Some of my favorite childhood memories were family road trips (at least when I wasn’t fighting with my brother). We visited the Grand Canyon, Yellowstone and Glacier National Monument. We spent many weekends in Rocky Mountain National Park. If Ron Paul has his way, these treasured National Parks will be gone, or at least sold to the highest bidder.
In a Nevada campaign stop, Paul addressed the issue of the Yucca Mountain nuclear waste dump, an idea that’s almost universally disliked in Nevada and for good and pretty obvious reason.
From Think Progress:
Paul: I want as much federal land to be turned over to the state as possible—the regulatory approach to tell people how to do and what to say. So I was essentially other than the other members of Congress from this state — I very early on opposed the dumping of nuclear waste in Nevada, so I want the state to make a decision—
Questioner: This plan pertains to using ATVs and things like that on federal land.
Paul: Well, I’d be opposed to that. I don’t want the federal government dictating to Nevada, period. I’d rather see the land owned and controlled by the states.
Ron Paul is really great at identifying problems within the government and I’m sure that that’s a lot of his appeal. Unfortunately, his perennial meme of handing everything off to the states or worse, to the private sector, solves nothing. It’s like telling someone with a sprained arm that you’re going to amputate to get rid of the problem.
Yucca Mountain is a problem and if I lived in Nevada, I’d be livid, but the issue that needs to be addressed is bigger than just one piece of land…what do we do with nuclear waste, a byproduct of an industry that Paul is very much in support of.

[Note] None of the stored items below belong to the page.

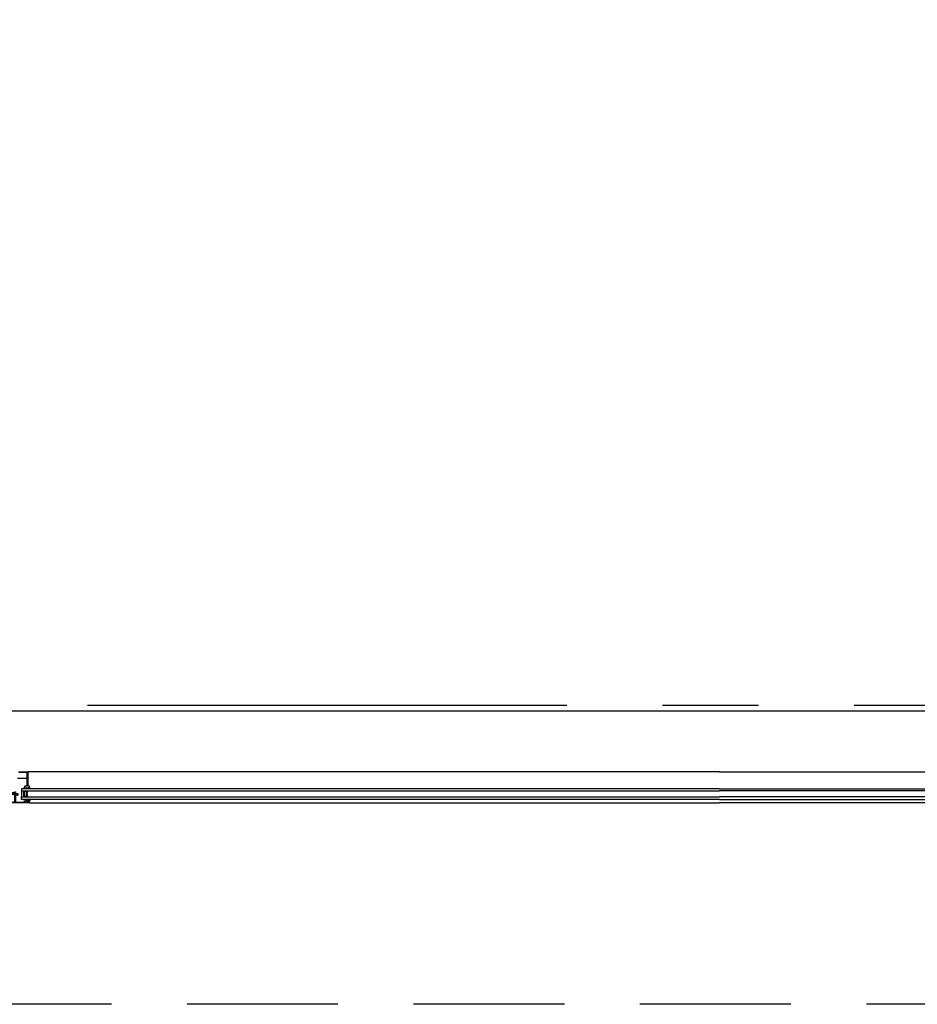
# Model space of a CAD drawing. Header units: millimetres. Extents: x 111285 to 237437, y -9513 to 52045.
# Tile 18 of 117: x 130491 to 132275, y 0 to 1956. Entities that reach past the tile are written whole.
import ezdxf

# ---------------------------------------------------------------- set-up
doc = ezdxf.new("R2010")
doc.units = ezdxf.units.MM
doc.header["$LTSCALE"] = 100
doc.linetypes.add('CENTER', pattern=[50.8, 31.75, -6.35, 6.35, -6.35])
doc.linetypes.add('DASHED3', pattern=[4.5, 3, -1.5])
doc.layers.get('0').update_dxf_attribs({"color": 252})
for name, color, linetype in [('0-aanzicht', 252, 'Continuous'), ('0-BUITENKOZIJNEN', 252, 'Continuous'), ('0-HOOFDSTRAMIEN', 1, 'CENTER')]:
    doc.layers.add(name, color=color, linetype=linetype)
doc.layers.add('X-ref binnenlijn', color=252, linetype='Continuous', plot=False)
doc.linetypes.add('ZIGZAG', pattern='A,0.00254,-5.08,[131,ltypeshp.shx,S=5.08,R=0,X=-5.08,Y=0],-10.16,[131,ltypeshp.shx,S=5.08,R=180,X=5.08,Y=0],-5.08', length=20.32254)

# ---------------------------------------------------------------- blocks, each defined once
blk = doc.blocks.new('U-STRAMIEN')
at = {"layer": '0-HOOFDSTRAMIEN', "ltscale": 0.3}
blk.add_lwpolyline([(-5000, 0), (68000, 0)], dxfattribs=at)
blk = doc.blocks.new('P-71191BLOCK')
at = {"layer": '0-BUITENKOZIJNEN', "linetype": 'Continuous', "ltscale": 0.25}
blk.add_lwpolyline([(14.4, 46.4), (13, 45.6), (12.5, 45.6, -0.414214), (12.3, 45.8), (12.3, 49.6, -0.414214), (12.5, 49.8), (14.5, 49, 0.9366), (14.9, 48.8), (15.9, 50.5, 0.577375), (15.7, 51), (12.1, 51, -0.414214), (11.4, 51.7), (11.4, 54.2, -0.414214), (11.7, 54.5), (12.3, 54.5, 1), (12.3, 55.5), (9.1, 55.5, 0.412335), (8.3, 54.7, 0.416094), (8.5, 54.5), (9.7, 54.5, -0.414214), (9.9, 54.3), (9.9, 51.5, -0.414214), (9.4, 51), (-3.9, 51, -0.410557), (-4.4, 51.5), (-4.6, 67), (-4.6, 69.5, -0.414214), (-4.1, 70), (-3.2, 70, -0.414214), (-3, 69.8), (-3, 68.9, 1), (-2.2, 68.9), (-2.2, 72, 0.414214), (-2.7, 72.5), (-3, 72.5, 0.414214), (-3.2, 72.3), (-3.2, 71.7, -0.414214), (-3.7, 71.2), (-4.3, 71.2, -0.414214), (-4.8, 71.7), (-4.8, 76.3, -0.414214), (-4.3, 76.8), (-3.7, 76.8, -0.414214), (-3.2, 76.3), (-3.2, 75.7, 0.414214), (-3, 75.5), (-2.7, 75.5, 0.414214), (-2.2, 76), (-2.2, 77.5, 0.414214), (-2.7, 78), (-5.7, 78, 0.414214), (-6.2, 77.5), (-6.2, 0.5, 0.414214), (-5.7, 0), (3.5, 0, 0.414214), (4, 0.5), (4, 2, 0.414214), (3.5, 2.5), (3.4, 2.5, 0.414214), (3.2, 2.3), (3.2, 2, -1), (1.6, 2), (1.6, 6, -1), (3.2, 6), (3.2, 5.7, 0.414214), (3.4, 5.5), (3.5, 5.5, 0.414214), (4, 6), (4, 26.5, -0.414214), (4.5, 27), (10, 27, -0.414214), (10.5, 26.5), (10.5, 23.4, -0.414214), (10.3, 23.2), (8.7, 23.2, 0.414214), (8.5, 23, 0.414214), (9.3, 22.2), (11.6, 22.2, 0.414214), (12.1, 22.7), (12.1, 26.8, -0.414214), (12.3, 27), (15.7, 27, 0.577351), (15.9, 27.5), (14.9, 29.2, 0.936617), (14.5, 29), (12.5, 28.2, -0.414214), (12.3, 28.4), (12.3, 32.2, -0.414214), (12.5, 32.4), (13, 32.4), (14.4, 31.6, 0.999993), (14.8, 31.6), (14.8, 32, 0.267949), (13.3, 34.6), (12.8, 34.8, -0.267949), (12.3, 35.7), (12.3, 42.3, -0.267949), (12.8, 43.2), (13.3, 43.4, 0.267949), (14.8, 46), (14.8, 46.4, 0.999992)], format="xyb", close=True, dxfattribs=at)
at = {"layer": '0-BUITENKOZIJNEN', "linetype": 'Continuous'}
for points in [[(-4.8, 28.9), (-4.8, 32.1, -0.414214), (-4.6, 32.3), (-4.4, 32.3, 0.414214), (-4.2, 32.5), (-4.2, 33.6, 0.414214), (-4.4, 33.8), (-4.6, 33.8, -0.414214), (-4.8, 34), (-4.8, 47.5, -0.414214), (-4.6, 47.7), (-4.4, 47.7, 0.414214), (-4.2, 47.9), (-4.2, 49, -0.414214), (-4, 49.2), (-2.9, 49.2, 0.414214), (-2.7, 49.4, -0.414214), (-2.5, 49.6), (8.8, 49.6, -0.414214), (9, 49.4, 0.414214), (9.2, 49.2), (10.3, 49.2, -0.414214), (10.5, 49), (10.5, 29, -0.414214), (10.3, 28.8), (9.2, 28.8, 0.414214), (9, 28.6, -0.414214), (8.8, 28.4), (4.2, 28.4, -0.414214), (4, 28.6, 0.414214), (3.8, 28.8), (2.8, 28.8, 0.414214), (2.6, 28.6, -0.414214), (2.4, 28.4), (-4.3, 28.4, -0.414214)], [(-0.1, 1.4), (-4.3, 1.4, -0.414214), (-4.8, 1.9), (-4.8, 26.5, -0.414214), (-4.3, 27), (2.1, 27, -0.414214), (2.6, 26.5), (2.6, 8.7, -0.414214), (2.1, 8.2), (1.9, 8.2, 0.414214), (0.4, 6.7), (0.4, 1.9, -0.414214)]]:
    blk.add_lwpolyline(points, format="xyb", close=True, dxfattribs=at)
blk = doc.blocks.new('SR2-horizontal')
at = {"linetype": 'Continuous', "ltscale": 0.25}
for p, q in [((-428, -400), (-1800, -400)), ((428, -400), (1800, -400)), ((-1800, -462), (-425.6, -462)), ((1800, -462), (425.6, -462))]:
    blk.add_line(p, q, dxfattribs=at)
at = {"linetype": 'Continuous'}
for p, q in [((-412.9, -424), (-1800, -424)), ((-1800, -428), (-412.9, -428)), ((412.9, -424), (412.9, -412)), ((412.9, -424), (1800, -424)), ((412.9, -428), (412.9, -424)), ((1800, -428), (412.9, -428)), ((419.5, -412), (417.5, -414)), ((417.5, -414), (417.5, -422)), ((417.5, -422), (419.5, -424)), ((418.5, -422), (418.5, -414)), ((418.5, -414), (419.5, -414)), ((419.5, -422), (418.5, -422)), ((424.5, -412), (419.5, -412)), ((419.5, -414), (419.5, -413)), ((419.5, -413), (423, -413)), ((419.5, -423), (419.5, -422)), ((423, -423), (419.5, -423)), ((419.5, -424), (424.5, -424)), ((423, -413), (423, -423)), ((423.3, -418), (424.5, -416.8)), ((424.5, -419.2), (423.3, -418)), ((424.5, -416.8), (424.5, -412)), ((424.5, -424), (424.5, -419.2))]:
    blk.add_line(p, q, dxfattribs=at)
for points in [[(-1800, -407), (-412.9, -407), (-412.9, -412), (-1800, -412)], [(1800, -407), (412.9, -407), (412.9, -412), (1800, -412)]]:
    blk.add_lwpolyline(points, dxfattribs=at)
for points in [[(426.5, -406.7), (426.5, -406.7, 0.150479), (426.7, -406.8), (426.7, -406.8), (428.2, -406.8), (428.2, -406.8, -0.203155), (430.2, -406.8), (430.2, -406.8), (430.5, -406.8), (430.5, -406.8, 0.321315), (428.2, -403.6), (428.2, -403.6), (428.2, -403.7), (428.2, -403.7, -0.414214), (427.7, -404.2), (427.7, -404.2), (425.8, -404.2), (425.8, -404.2, -0.414214), (425.3, -403.7), (425.3, -403.7), (425.3, -403), (425.3, -403, -0.414214), (425.5, -402.8), (425.5, -402.8), (425.5, -402.8), (425.6, -402.8), (425.6, -402.8, 0.414214), (425.9, -402.5), (425.9, -402.5), (425.9, -402.3), (425.9, -402.3), (425.1, -401.7), (425.1, -401.7), (422.9, -401.7), (422.9, -401.7), (422.1, -402.3), (422.1, -402.3), (422.1, -402.5), (422.1, -402.5, 0.414214), (422.4, -402.8), (422.4, -402.8), (422.5, -402.8), (422.5, -402.8, -0.414214), (422.7, -403), (422.7, -403), (422.7, -403.7), (422.7, -403.7, -0.414214), (422.2, -404.2), (422.2, -404.2), (421, -404.2), (421, -404.2, 0.216855), (421, -404.6), (421, -404.6, 0.246521), (421.2, -404.8, -0.121194)], [(423.5, -404.2), (423.5, -404.2), (423.5, -402.8), (423.5, -402.8, -0.414214), (423.8, -402.5), (423.8, -402.5), (424.2, -402.5), (424.2, -402.5, -0.414214), (424.5, -402.8), (424.5, -402.8), (424.5, -404), (424.5, -404, -0.300021), (424.3, -404.3), (424.3, -404.3), (423.9, -404.4, -0.538437)], [(426.9, -406), (426.9, -406, 0.024804), (425.8, -405.4), (425.8, -405.4, -0.78183), (425.9, -404.8), (425.9, -404.8), (427.7, -404.8), (427.7, -404.8, 0.138255), (428.3, -404.6), (428.3, -404.6, -0.29655), (428.6, -404.6), (428.6, -404.6, -0.093259), (429.3, -405.3), (429.3, -405.3, -0.587696), (429.1, -405.8), (429.1, -405.8, 0.095255), (427.8, -406.1, -0.257242)], [(430.2, -428.3), (427.1, -428.3, 0.191979), (424, -429.5, -0.398651), (421.8, -429.5, 0.191979), (418.7, -428.3), (416.6, -428.3, 0.414214), (416.4, -428.5), (416.4, -428.7, 0.326741), (416.9, -429.2, -0.302866), (419.5, -431.3), (420, -433.1, 0.33328), (421.1, -433.9), (422.1, -433.9, -0.198912), (422.3, -434), (422.9, -434.6, 0.493145), (423.2, -434.6), (423.6, -434, -0.267949), (423.8, -433.9), (425.8, -433.9, -0.414214), (426, -434.1), (426, -436, 0.635409), (426.4, -436.2, 0.209907), (429.1, -429.8, 0.491509), (428.7, -429.6, 0.194986), (426.6, -431.4, -1.088983), (426.2, -431.1, -0.162066), (429.9, -429, 0.416129), (430.4, -428.5), (430.4, -428.5, 0.414214)]]:
    blk.add_lwpolyline(points, format="xyb", close=True, dxfattribs=at)
at = {"layer": '0-BUITENKOZIJNEN', "linetype": 'Continuous'}
for points in [[(405.4, -449.4), (415.9, -449.4), (423.6, -449.4, -0.421807), (424.6, -450.4), (424.3, -459, -0.406661), (422.8, -460.5), (415.9, -460.5), (409.7, -460.5, -0.267949), (409.3, -460.2)], [(407, -462), (415.9, -462), (425.3, -462), (425.3, -462, 0.414214), (425.8, -461.5), (425.8, -434.6, 0.414214), (425.3, -434.1), (425.3, -434.1), (424, -434.1), (424, -434.1, 0.414214), (423.5, -434.6), (423.5, -434.6), (423.5, -435.1), (423.5, -435.1, 0.414214), (424, -435.6), (424.1, -435.6), (424, -435.6), (424, -435.6), (424.1, -435.6), (424.1, -435.6, -0.414214), (424.6, -436.1), (424.6, -447.1), (424.6, -447.1, -0.454262), (423.6, -448.3), (415.9, -448.3), (405.6, -448.3)]]:
    blk.add_lwpolyline(points, format="xyb", dxfattribs=at)
at = {"linetype": 'ZIGZAG', "ltscale": 0.25, "rotation": 270}
blk.add_blockref('P-71191BLOCK', (350, -406.2), dxfattribs=at)
blk = doc.blocks.new('onderlegger beganegrond')
at = {"layer": '0-aanzicht', "linetype": 'DASHED3'}
blk.add_lwpolyline([(64822, 0), (15, 0), (15, 15), (0, 15), (0, 44373), (15, 44373), (15, 44388), (33060, 44388)], dxfattribs=at)
at = {"layer": 'X-ref binnenlijn'}
blk.add_lwpolyline([(65120, 12574), (32630, 12574), (32630, 12638), (7405, 12638), (7405, 16138), (32630, 16138), (32630, 29144), (7405, 29144), (7405, 32644), (32630, 32644), (32630, 43805), (583, 43805), (583, 583), (43680, 583)], dxfattribs=at)
at = {"xscale": -1, "rotation": 180}
for p in [(3930, 0), (7530, 0)]:
    blk.add_blockref('SR2-horizontal', p, dxfattribs=at)

msp = doc.modelspace()

# ---------------------------------------------------------------- linework, layer by layer
at = {"linetype": 'Continuous', "ltscale": 0.25}
for p, q in [((131882, 462), (130507.6, 462)), ((131882, 462), (133256.4, 462)), ((130510, 400), (131882, 400)), ((133254, 400), (131882, 400))]:
    msp.add_line(p, q, dxfattribs=at)
at = {"linetype": 'Continuous'}
for p, q in [((131882, 428), (130494.9, 428)), ((130494.9, 428), (130494.9, 424)), ((130494.9, 424), (131882, 424)), ((130494.9, 424), (130494.9, 412)), ((130499.5, 422), (130501.5, 424)), ((130499.5, 414), (130499.5, 422)), ((130501.5, 412), (130499.5, 414)), ((130501.5, 422), (130500.5, 422)), ((130500.5, 422), (130500.5, 414)), ((130500.5, 414), (130501.5, 414)), ((130501.5, 424), (130506.5, 424)), ((130505, 423), (130501.5, 423)), ((130501.5, 423), (130501.5, 422)), ((130501.5, 414), (130501.5, 413)), ((130501.5, 413), (130505, 413)), ((130506.5, 412), (130501.5, 412)), ((130505, 413), (130505, 423)), ((130506.5, 419.2), (130505.3, 418)), ((130505.3, 418), (130506.5, 416.8)), ((130506.5, 424), (130506.5, 419.2)), ((130506.5, 416.8), (130506.5, 412)), ((131882, 428), (133269.1, 428)), ((133269.1, 424), (131882, 424))]:
    msp.add_line(p, q, dxfattribs=at)
for points in [[(130512.2, 428.3), (130509.1, 428.3, -0.191979), (130506, 429.5, 0.398651), (130503.8, 429.5, -0.191979), (130500.7, 428.3), (130498.6, 428.3, -0.414214), (130498.4, 428.5), (130498.4, 428.7, -0.326741), (130498.9, 429.2, 0.302866), (130501.5, 431.3), (130502, 433.1, -0.33328), (130503.1, 433.9), (130504.1, 433.9, 0.198912), (130504.3, 434), (130504.9, 434.6, -0.493145), (130505.2, 434.6), (130505.6, 434, 0.267949), (130505.8, 433.9), (130507.8, 433.9, 0.414214), (130508, 434.1), (130508, 436, -0.635409), (130508.4, 436.2, -0.209907), (130511.1, 429.8, -0.491509), (130510.7, 429.6, -0.194986), (130508.6, 431.4, 1.088983), (130508.2, 431.1, 0.162066), (130511.9, 429, -0.416129), (130512.4, 428.5), (130512.4, 428.5, -0.414214)], [(130508.5, 406.7), (130508.5, 406.7, -0.150479), (130508.7, 406.8), (130508.7, 406.8), (130510.2, 406.8), (130510.2, 406.8, 0.203155), (130512.2, 406.8), (130512.2, 406.8), (130512.5, 406.8), (130512.5, 406.8, -0.321315), (130510.2, 403.6), (130510.2, 403.6), (130510.2, 403.7), (130510.2, 403.7, 0.414214), (130509.7, 404.2), (130509.7, 404.2), (130507.8, 404.2), (130507.8, 404.2, 0.414214), (130507.3, 403.7), (130507.3, 403.7), (130507.3, 403), (130507.3, 403, 0.414214), (130507.5, 402.8), (130507.5, 402.8), (130507.5, 402.8), (130507.6, 402.8), (130507.6, 402.8, -0.414214), (130507.9, 402.5), (130507.9, 402.5), (130507.9, 402.3), (130507.9, 402.3), (130507.1, 401.7), (130507.1, 401.7), (130504.9, 401.7), (130504.9, 401.7), (130504.1, 402.3), (130504.1, 402.3), (130504.1, 402.5), (130504.1, 402.5, -0.414214), (130504.4, 402.8), (130504.4, 402.8), (130504.5, 402.8), (130504.5, 402.8, 0.414214), (130504.7, 403), (130504.7, 403), (130504.7, 403.7), (130504.7, 403.7, 0.414214), (130504.2, 404.2), (130504.2, 404.2), (130503, 404.2), (130503, 404.2, -0.216855), (130503, 404.6), (130503, 404.6, -0.246521), (130503.2, 404.8, 0.121194)], [(130505.5, 404.2), (130505.5, 404.2), (130505.5, 402.8), (130505.5, 402.8, 0.414214), (130505.8, 402.5), (130505.8, 402.5), (130506.2, 402.5), (130506.2, 402.5, 0.414214), (130506.5, 402.8), (130506.5, 402.8), (130506.5, 404), (130506.5, 404, 0.300021), (130506.3, 404.3), (130506.3, 404.3), (130505.9, 404.4, 0.538437)], [(130508.9, 406), (130508.9, 406, -0.024804), (130507.8, 405.4), (130507.8, 405.4, 0.78183), (130507.9, 404.8), (130507.9, 404.8), (130509.7, 404.8), (130509.7, 404.8, -0.138255), (130510.3, 404.6), (130510.3, 404.6, 0.29655), (130510.6, 404.6), (130510.6, 404.6, 0.093259), (130511.3, 405.3), (130511.3, 405.3, 0.587696), (130511, 405.8), (130511, 405.8, -0.095255), (130509.8, 406.1, 0.257242)]]:
    msp.add_lwpolyline(points, format="xyb", close=True, dxfattribs=at)
for points in [[(131882, 407), (130494.9, 407), (130494.9, 412), (131882, 412)], [(131882, 407), (133269.1, 407), (133269.1, 412), (131882, 412)]]:
    msp.add_lwpolyline(points, dxfattribs=at)
at = {"layer": '0-BUITENKOZIJNEN', "linetype": 'Continuous'}
for points in [[(130487.4, 449.4), (130497.9, 449.4), (130505.6, 449.4, 0.421807), (130506.6, 450.4), (130506.3, 459, 0.406661), (130504.8, 460.5), (130497.9, 460.5), (130491.7, 460.5, 0.267949), (130491.3, 460.3)], [(130489, 462), (130497.9, 462), (130507.3, 462), (130507.3, 462, -0.414214), (130507.8, 461.5), (130507.8, 434.6, -0.414214), (130507.3, 434.1), (130507.3, 434.1), (130506, 434.1), (130506, 434.1, -0.414214), (130505.5, 434.6), (130505.5, 434.6), (130505.5, 435.1), (130505.5, 435.1, -0.414214), (130506, 435.6), (130506.1, 435.6), (130506, 435.6), (130506, 435.6), (130506.1, 435.6), (130506.1, 435.6, 0.414214), (130506.6, 436.1), (130506.6, 447.1), (130506.6, 447.1, 0.454262), (130505.6, 448.3), (130497.9, 448.3), (130487.6, 448.3)]]:
    msp.add_lwpolyline(points, format="xyb", dxfattribs=at)
at = {"layer": '0-BUITENKOZIJNEN', "linetype": 'Continuous', "ltscale": 0.25}
msp.add_lwpolyline([(130483.5, 401.8), (130499, 401.6), (130501.5, 401.6, 0.414214), (130502, 402.1), (130502, 403, 0.414214), (130501.8, 403.2), (130500.9, 403.2, -1), (130500.9, 404), (130504, 404, -0.414214), (130504.5, 403.5), (130504.5, 403.2, -0.414214), (130504.3, 403), (130503.7, 403, 0.414214), (130503.2, 402.5), (130503.2, 401.9, 0.414214), (130503.7, 401.4), (130508.3, 401.4, 0.414214), (130508.8, 401.9), (130508.8, 402.5, 0.414214), (130508.3, 403), (130507.7, 403, -0.414214), (130507.5, 403.2), (130507.5, 403.5, -0.414214), (130508, 404), (130509.5, 404, -0.414214), (130510, 403.5), (130510, 400.5, -0.414214), (130509.5, 400), (130432.5, 400, -0.414214)], format="xyb", dxfattribs=at)

# ---------------------------------------------------------------- block references
msp.add_blockref('onderlegger beganegrond', (126152, 0))
at = {"layer": '0-HOOFDSTRAMIEN'}
msp.add_blockref('U-STRAMIEN', (126482, 594), dxfattribs=at)

doc.saveas('drawing.dxf')

Not all parcels of public land are nuclear waste dumps…far from it. Many are National Forests and National Parks. Not only are they national treasures, they are incredible tourism draws. On an annual basis, National Parks provide about $125 million in direct revenue through entrance fees and the like. A good portion of that comes from international tourists. The state of Utah estimates that 40% of its National Park visitors are from other countries. It also makes the claim that 78% of international visitors call National Parks a destination while visiting the US. These same tourists stay in hotels, shop in local stores and eat at local restaurants. So, on top of the direct revenue, there is a massive financial boost to surrounding areas. In 2009 alone, Yellowstone alone added over 5,000 jobs and over $300 million to the local economy. The Grand Canyon provided even more.
Paul advocates giving them back to the states and while that might seem like a great idea, the Federal Government is doing a fine job of managing the Parks Service and boosting the local economies. These lands are National treasures and should be treated as such.
Even more frightening is that Paul advocates selling the lands off. He uses his home state of Texas as the model, where he says, “private owners” have “developed all the natural resources.” Paul went on to say “how wonderful it would be if land will be or should be returned to the states and then for the best parts sold off to private owners.”
Great, so we should drill for oil in Yellowstone, frack for natural gas in the Shenandoah National Parks or mine Mt. Rushmore? And who will that benefit the most? Exactly, the 1% and their corporations. So much for the “national” in “National Treasure.”